Is 108 a perfect cube? This question often arises in mathematics, especially when discussing the properties of numbers and their cubes. In this article, we will explore the concept of perfect cubes, examine the properties of the number 108, and determine whether it is indeed a perfect cube.
A perfect cube is a number that can be expressed as the cube of an integer. In other words, if a number \( n \) is a perfect cube, then there exists an integer \( m \) such that \( n = m^3 \). To determine if 108 is a perfect cube, we need to find an integer \( m \) that, when cubed, equals 108.

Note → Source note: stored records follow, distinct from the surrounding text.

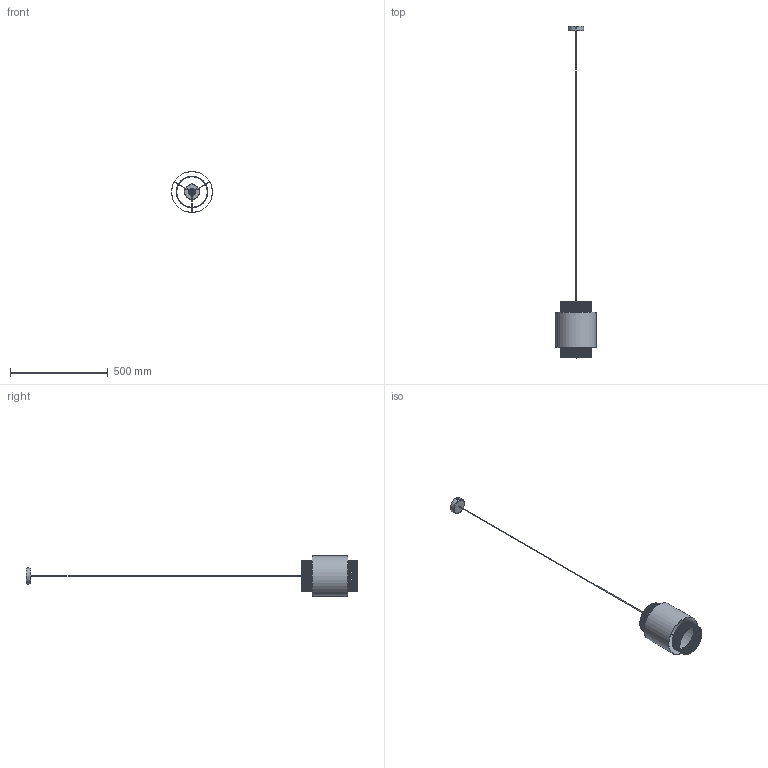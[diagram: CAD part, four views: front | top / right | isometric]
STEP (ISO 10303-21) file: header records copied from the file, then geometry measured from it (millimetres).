
FILE_DESCRIPTION(/* description */ (''),/* implementation_level */ '2;1');
FILE_NAME(/* name */ 'C:/Users/kubaw/OneDrive/Pulpit/Nowy folder (3)/6540_BOHO v3.step',/* time_stamp */ '2021-12-11T10:58:53+01:00',/* author */ (''),/* organization */ (''),/* preprocessor_version */ 'ST-DEVELOPER v18.1',/* originating_system */ 'Autodesk Translation Framework v10.10.0.1391',/* authorisation */ '');
FILE_SCHEMA (('AUTOMOTIVE_DESIGN { 1 0 10303 214 3 1 1 }'));
Products named in the file (5): 6540_BOHO; MOCOWANIE_PAGLIA v3; MOCOWANIE_PAGLIA2 v2; KLOSZ_200_BOHO; ŚRUBA_B
Assembly tree (5 placements, depth 2):
  6540_BOHO
    MOCOWANIE_PAGLIA v3
    MOCOWANIE_PAGLIA2 v2
    KLOSZ_200_BOHO
    ŚRUBA_B  x2
Bounding box: 210 x 1700 x 210 mm (x, y, z)
Volume: 335968.3 mm3; surface area: 462742.3 mm2
Topology: 388 solids, 389 shells, 4012 faces, 9703 edges, 6471 vertices
Faces by surface type: cylinder 1448, plane 1377, bspline 1017, torus 90, cone 80
Full cylindrical faces by diameter (mm): 2 x9, 3.8 x1, 4 x7, 7.5 x2, 9.6 x2, 19.84 x1, 24.929 x10, 26.88 x1, 28.8 x3, 32 x1, 33 x1, 33.12 x1, 38 x1, 80 x1, 155.182 x4, 158.382 x4, 158.4 x20, 160 x20, 208 x1, 210 x1
Entity records: 261852 total; most frequent: CARTESIAN_POINT 174683, ORIENTED_EDGE 19297, DIRECTION 15661, EDGE_CURVE 9649, VERTEX_POINT 6435, AXIS2_PLACEMENT_3D 6275, EDGE_LOOP 4061, FACE_OUTER_BOUND 3990

Let’s start by analyzing the prime factorization of 108. By breaking down 108 into its prime factors, we can gain insight into its properties. The prime factorization of 108 is \( 2^2 \times 3^3 \). This means that 108 can be expressed as the product of 2 raised to the power of 2 and 3 raised to the power of 3.
Now, let’s consider the cube of an integer. If \( m \) is an integer, then \( m^3 \) will have prime factors raised to the power of 3. In our case, we are looking for an integer \( m \) such that \( m^3 = 2^2 \times 3^3 \).
To find such an integer, we can look at the exponents of the prime factors. Since the exponent of 2 in the prime factorization of 108 is 2, and the exponent of 3 is 3, we need to find an integer \( m \) such that the exponents of its prime factors are also 2 and 3, respectively.
Let’s consider the prime factorization of \( m^3 \). Since \( m^3 \) is a perfect cube, its prime factors will be raised to the power of 3. Therefore, the prime factorization of \( m^3 \) will be of the form \( p^3 \times q^3 \), where \( p \) and \( q \) are prime numbers.
Comparing the prime factorization of 108 with the prime factorization of \( m^3 \), we can see that the prime factorization of 108 cannot be expressed as \( p^3 \times q^3 \). The prime factorization of 108 has a 2 raised to the power of 2 and a 3 raised to the power of 3, whereas the prime factorization of \( m^3 \) would require a 2 raised to the power of 3 and a 3 raised to the power of 3.
Therefore, we can conclude that 108 is not a perfect cube. This is because there is no integer \( m \) such that \( m^3 = 108 \). The number 108 has prime factors raised to the power of 2 and 3, respectively, which means it cannot be expressed as the cube of an integer.